▸ **Your assignment**:
From the first line of the entries down to the line with "msp = doc.modelspace()", write out every line exactly; that last line counts, but pictures do not.

Stored records
————————

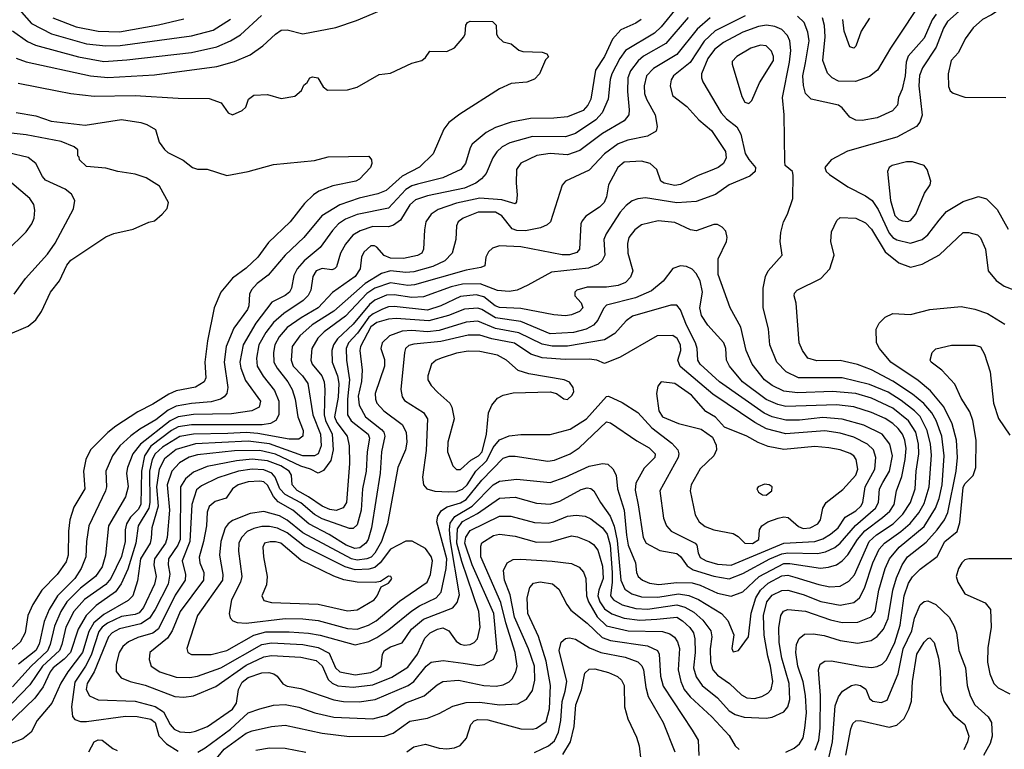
# Model space of a CAD drawing. Extents: x 997026 to 1115308, y 536381 to 619039.
# Tile 481 of 484: x 1073912 to 1078967, y 595337 to 599084. Entities that reach past the tile are written whole.
import ezdxf

# ---------------------------------------------------------------- set-up
doc = ezdxf.new("R2010")
doc.units = 0

msp = doc.modelspace()

# ---------------------------------------------------------------- linework, layer by layer
at = {"layer": '0CON20XD'}
for points in [[(1073895, 598886), (1073945, 598867.1), (1074275.6, 598795.6), (1074365, 598787.5), (1074605, 598800.7), (1074925, 598842.8), (1075015, 598869.2), (1075095.8, 598904.2), (1075160.4, 598949.6), (1075225, 599010), (1075255, 599030), (1075285, 599032.2), (1075365, 599010.4), (1075535, 599043.5), (1075640.8, 599079.2), (1075921.3, 599198.7)], [(1078565.4, 599215), (1078382.1, 598937.9), (1078315.4, 598825), (1078275, 598791.3), (1078203.4, 598766.6), (1078115, 598768.8), (1078082.7, 598785), (1078059.3, 598809.3), (1078035.2, 598875), (1078047, 598995), (1078044.1, 599054.1), (1078034.1, 599094.1)], [(1079009, 599201), (1078935, 599131.5), (1078900.6, 599109.4), (1078854.4, 599085), (1078807.3, 599042.7), (1078765.6, 598985), (1078731.4, 598915), (1078694.3, 598875), (1078678.8, 598805), (1078680.7, 598740.7), (1078689.3, 598719.3), (1078705, 598706.7), (1078765, 598686.2), (1078975, 598683.8)], [(1073884.5, 599164.5), (1073973.7, 599063.7), (1074075, 599011.5), (1074255, 598960.7), (1074355, 598948.8), (1074428.9, 598951.1), (1074795, 599000.5), (1074905, 599030.7), (1074995, 599086.1)], [(1077289.3, 599150.7), (1077205, 599047.8), (1077170.7, 599015), (1077022.9, 598925), (1076993.1, 598885), (1076951.7, 598805), (1076944.1, 598775.9), (1076933.8, 598675), (1076901.7, 598605), (1076870.4, 598569.6), (1076765, 598499.8), (1076715, 598482.3), (1076545, 598484.8), (1076427.9, 598452.1), (1076389.5, 598430.5), (1076361.3, 598405), (1076341.9, 598375), (1076306.5, 598293.5), (1076283.5, 598266.5), (1076253.6, 598245), (1076195, 598219.3), (1076005, 598180.2), (1075945, 598158.6), (1075915, 598132.9), (1075866.4, 598053.6), (1075832, 598028), (1075805, 598020.2), (1075725, 598022.7), (1075660.2, 597999.8), (1075623.3, 597976.7), (1075585, 597931.8), (1075558.6, 597885), (1075537.8, 597815), (1075529.2, 597805), (1075515, 597800), (1075465, 597805.9), (1075434.1, 597795), (1075417.1, 597765), (1075407.5, 597695), (1075393.2, 597666.8), (1075367.8, 597642.2), (1075268.6, 597575), (1075215, 597529.3), (1075175, 597477.8), (1075140, 597415), (1075127.4, 597345), (1075132, 597305), (1075162.8, 597252.8), (1075220, 597180), (1075241.9, 597125), (1075242, 597055), (1075227.8, 597025), (1075199.9, 597010.1), (1075156.3, 597003.7), (1074795, 597004.1), (1074725, 596993.8), (1074692.1, 596975)], [(1078766.2, 599155), (1078675, 599074), (1078655, 599040.5), (1078616.9, 598943.1), (1078546.3, 598836.3), (1078532.2, 598797.8), (1078527.8, 598745), (1078545.7, 598594.3), (1078533, 598557), (1078516.4, 598535), (1078415, 598481.4), (1078162, 598408), (1078078.6, 598365), (1078045.8, 598325), (1078052, 598305), (1078069.4, 598289.4), (1078164.4, 598225), (1078255, 598180), (1078288.7, 598155), (1078319.8, 598109.8), (1078375, 597987.6), (1078394.6, 597964.6), (1078415, 597952.9), (1078485, 597936.6), (1078544.4, 597955), (1078575, 597978.5), (1078631.8, 598055), (1078670.7, 598099.3), (1078755, 598150.4), (1078835, 598176.5), (1078875, 598164.4), (1078929.6, 598109.6), (1078987.4, 598007.4)], [(1077456.4, 599093.6), (1077390, 599035), (1077285, 598905.8), (1077166.7, 598833.3), (1077129.4, 598795), (1077118.8, 598745), (1077120.2, 598705), (1077130.3, 598675), (1077174.6, 598595), (1077185.6, 598535), (1077179.3, 598510.7), (1077134.7, 598485.3), (1077034.7, 598464.7), (1076985, 598446.6), (1076914.7, 598395), (1076835, 598311.3), (1076714.8, 598255.2), (1076696.6, 598233.4), (1076637.9, 598045), (1076620.3, 598029.7), (1076585.6, 598014.4), (1076509, 597999), (1076465, 598000.6), (1076440.3, 598010.3), (1076386.8, 598076.8), (1076355, 598095.1), (1076265.2, 598094.8), (1076188.5, 598065), (1076163.6, 598045), (1076154, 598026), (1076151.2, 597955), (1076132, 597885), (1076095, 597846.4), (1076032.9, 597817.1), (1075935, 597789.5), (1075895, 597786.2), (1075815, 597793.6), (1075769, 597781), (1075685, 597730), (1075525, 597587.5), (1075413.2, 597516.8), (1075349.8, 597460.2), (1075310.2, 597405), (1075305.2, 597335), (1075317, 597305), (1075364.9, 597254.9), (1075390.9, 597215), (1075416.7, 597055), (1075457.3, 596955), (1075460.3, 596895), (1075445, 596854.7), (1075425, 596843.5), (1075365, 596843.4), (1075195, 596905.1), (1075085, 596918.9), (1074814.2, 596905.8), (1074715, 596877.3), (1074655, 596829.5), (1074627.6, 596775), (1074614.9, 596685.1), (1074623.9, 596585), (1074589.8, 596475), (1074587.8, 596422.2), (1074581.3, 596395), (1074531.8, 596315), (1074517, 596203), (1074492.5, 596125), (1074468.6, 596101.4), (1074345, 596029.2), (1074293, 595987), (1074267.1, 595942.9), (1074234.5, 595835), (1074158.8, 595735), (1074123.4, 595676.6), (1074076.9, 595575), (1074002.3, 595485), (1073971.9, 595425), (1073929.2, 595390.7), (1073795, 595339)], [(1077344.2, 599095), (1077228.8, 598961.2), (1077115, 598896.1), (1077086.6, 598873.4), (1077048.4, 598821.6), (1077034.3, 598785), (1077031.7, 598715), (1077041.8, 598621.8), (1077040, 598595), (1077015, 598563.8), (1076905, 598499.5), (1076788.6, 598411.4), (1076725, 598390.6), (1076635, 598396.9), (1076567, 598387), (1076485, 598347.8), (1076462.5, 598315), (1076460.5, 598245), (1076466.9, 598185), (1076462.3, 598147.7), (1076455, 598138.8), (1076388.1, 598158.1), (1076275, 598167.3), (1076155, 598142.1), (1076061.3, 598108.7), (1076024.6, 598085), (1075997.7, 598045), (1075990, 598005), (1075985.6, 597905), (1075976.9, 597885), (1075955, 597872.9), (1075883.2, 597856.8), (1075815, 597858.5), (1075782.5, 597872.5), (1075745, 597915.5), (1075732.9, 597922.9), (1075715, 597923.2), (1075679.7, 597890.3), (1075667.2, 597865), (1075660.3, 597805), (1075635.3, 597765), (1075517.8, 597682.2), (1075445.3, 597605), (1075356.6, 597553.4), (1075286.2, 597503.8), (1075244.1, 597455.9), (1075222.4, 597415), (1075214.8, 597375), (1075217.1, 597325), (1075233.8, 597295), (1075289.2, 597225), (1075311, 597185), (1075325.7, 597135), (1075339.8, 597045), (1075366.8, 596975), (1075365, 596944.4), (1075345, 596930.6), (1075295, 596929), (1075135, 596958.7), (1075075, 596963.3), (1074980.8, 596959.2), (1074805, 596956.1), (1074735, 596944), (1074645, 596889), (1074608.1, 596855), (1074592.6, 596825), (1074579.5, 596765), (1074580.4, 596605), (1074575.3, 596575), (1074520.2, 596485), (1074508.5, 596395), (1074466.9, 596263.1), (1074432.6, 596187.4), (1074404.9, 596145.1), (1074305, 596075.2), (1074253.6, 596025), (1074212.4, 595955), (1074172.7, 595835), (1074140.7, 595799.3), (1074084, 595756), (1074068.8, 595735), (1074032, 595658), (1073990.1, 595599.9), (1073842, 595458)], [(1073875, 599026.6), (1073952.2, 598972.2), (1073992.7, 598952.7), (1074215, 598892.5), (1074345, 598869.6), (1074462, 598878), (1074795, 598915.6), (1074925, 598944.8), (1074994.8, 598975.2), (1075045, 599006.9), (1075154, 599105)], [(1077102.2, 599085), (1077075, 599066.2), (1076998.3, 599031.7), (1076955.6, 598984.4), (1076915.2, 598894.8), (1076867.7, 598825), (1076843.9, 598676.1), (1076829.6, 598645), (1076805, 598618.2), (1076725, 598585.3), (1076655, 598578.1), (1076535, 598576.8), (1076435, 598557.2), (1076355, 598530.7), (1076306.1, 598503.9), (1076235.9, 598444.1), (1076224.5, 598425), (1076201.2, 598345), (1076177.5, 598315), (1076085, 598272.1), (1075955, 598239.4), (1075925, 598231.3), (1075895, 598212.3), (1075805, 598116.2), (1075645, 598084), (1075585, 598058.9), (1075549.6, 598035), (1075518.1, 598001.9), (1075455.2, 597914.8), (1075372.8, 597845), (1075337.1, 597805), (1075319, 597771), (1075308, 597705), (1075297.3, 597685), (1075275, 597667.1), (1075206.3, 597633.7), (1075124.3, 597525), (1075059.4, 597415), (1075042.8, 597325), (1075047.6, 597295), (1075071.7, 597231.7), (1075149.2, 597125), (1075141.9, 597095), (1075104.5, 597074.5), (1074999.7, 597060.3), (1074805, 597056.3), (1074725, 597045.1), (1074685, 597024.1), (1074532.2, 596905), (1074493.8, 596855), (1074465.8, 596785), (1074460.3, 596755), (1074468.3, 596685), (1074455.6, 596634.4), (1074367.9, 596485), (1074352.4, 596335), (1074335, 596274.5), (1074301.2, 596225), (1074225, 596164.4), (1074155.1, 596094.9), (1074123.1, 596045), (1074090.8, 595969.2), (1074069.1, 595875), (1074055, 595843.3), (1073970.6, 595765), (1073875, 595657.4)], [(1073905, 598757.2), (1074105, 598718), (1074175, 598704), (1074295, 598691.4), (1074505.2, 598695.2), (1074725, 598680.7), (1074885, 598678.5), (1074946.9, 598656.9), (1074982, 598605), (1075005, 598595.8), (1075055, 598616.7), (1075072.5, 598635), (1075087.5, 598675), (1075115, 598696), (1075185, 598700), (1075255, 598680), (1075325, 598691.2), (1075359.3, 598720.7), (1075371.7, 598748.3), (1075388.3, 598761.7), (1075402.5, 598785), (1075415, 598790), (1075442.5, 598785), (1075469.5, 598739.5), (1075492.7, 598722.7), (1075595, 598722.9), (1075645, 598737.5), (1075758.3, 598801.7), (1075815, 598809.2), (1075925, 598860.8), (1075977.5, 598875), (1075995, 598890), (1076018.3, 598921.7), (1076105, 598920), (1076145, 598938.8), (1076192.5, 598995), (1076199.3, 599010.7), (1076202.5, 599055), (1076210.7, 599069.3), (1076225, 599076.2), (1076340, 599075), (1076357.5, 599055), (1076360.7, 599010.7), (1076367.5, 598995), (1076395, 598970), (1076435, 598960), (1076475, 598927.5), (1076495, 598920), (1076595, 598917.5), (1076618.3, 598908.3), (1076627, 598893), (1076611.7, 598878.3), (1076581.2, 598805), (1076555, 598778.8), (1076515, 598763.8), (1076435, 598756), (1076375, 598728), (1076171.9, 598598.1), (1076114.7, 598555.3), (1076088.9, 598521.1), (1076035.5, 598395), (1075963.9, 598326.1), (1075875, 598280.2), (1075793.4, 598206.6), (1075750.5, 598189.5), (1075655, 598166.8), (1075555, 598132.4), (1075463.6, 598076.4), (1075371.3, 597965), (1075275.3, 597875), (1075187.3, 597772.7), (1075131.1, 597728.9), (1075102.6, 597697.4), (1075091.9, 597675), (1075088.9, 597615), (1075082.5, 597595), (1075010.8, 597499.2), (1074971.6, 597405), (1074961.3, 597325), (1074981.2, 597195), (1074975.4, 597165), (1074962.6, 597147.4), (1074942.9, 597135), (1074895, 597121.3), (1074795, 597113.6), (1074715, 597099.7), (1074675, 597079), (1074611.3, 597028.7), (1074528.5, 596981.5), (1074482.5, 596947.5), (1074426.4, 596895), (1074388.4, 596845), (1074353.7, 596765), (1074357.5, 596685), (1074353.1, 596665), (1074267.7, 596485), (1074254.8, 596405), (1074252, 596325), (1074228.3, 596265), (1074195.6, 596215), (1074106, 596125), (1074064, 596055), (1074037.2, 595992.8), (1074012, 595878), (1073995.8, 595845), (1073907, 595775)], [(1074082.9, 599092.9), (1074202.5, 599047.5), (1074314.3, 599024.3), (1074425, 599021.4), (1074625, 599057.2), (1074755, 599089)], [(1077636.7, 599103.3), (1077482.9, 599027.1), (1077426.6, 598973.4), (1077355, 598864.7), (1077267.9, 598795), (1077256.4, 598775), (1077250.9, 598745), (1077263.5, 598695), (1077337.5, 598637.5), (1077399.1, 598569.1), (1077464.4, 598515), (1077535, 598407.5), (1077538.6, 598375), (1077525, 598346.2), (1077498, 598325), (1077457.7, 598307.7), (1077395, 598283.6), (1077305, 598237.2), (1077275, 598231.8), (1077221.2, 598245), (1077204, 598255), (1077182.9, 598315), (1077148, 598345), (1077105, 598357.5), (1077015, 598351.5), (1076983.1, 598325), (1076934.7, 598235.3), (1076925.4, 598175), (1076912.1, 598145), (1076888.8, 598121.2), (1076818.5, 598075), (1076799.2, 598050.8), (1076792.7, 598035), (1076785.6, 597905), (1076772.2, 597887.8), (1076735, 597876.7), (1076696.5, 597876.5), (1076485, 597917.4), (1076375, 597922.9), (1076340.2, 597909.8), (1076318.6, 597891.4), (1076305.7, 597865), (1076300, 597820), (1076279.1, 597810.9), (1076205, 597797.5), (1075938.5, 597721.5), (1075905, 597719.5), (1075815, 597733.3), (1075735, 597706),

————————

▸ **Exercise result**:
# Model space of a CAD drawing. Extents: x 997026 to 1115308, y 536381 to 619039.
# Tile 481 of 484: x 1073912 to 1078967, y 595337 to 599084. Entities that reach past the tile are written whole.
import ezdxf

# ---------------------------------------------------------------- set-up
doc = ezdxf.new("R2010")
doc.units = 0

msp = doc.modelspace()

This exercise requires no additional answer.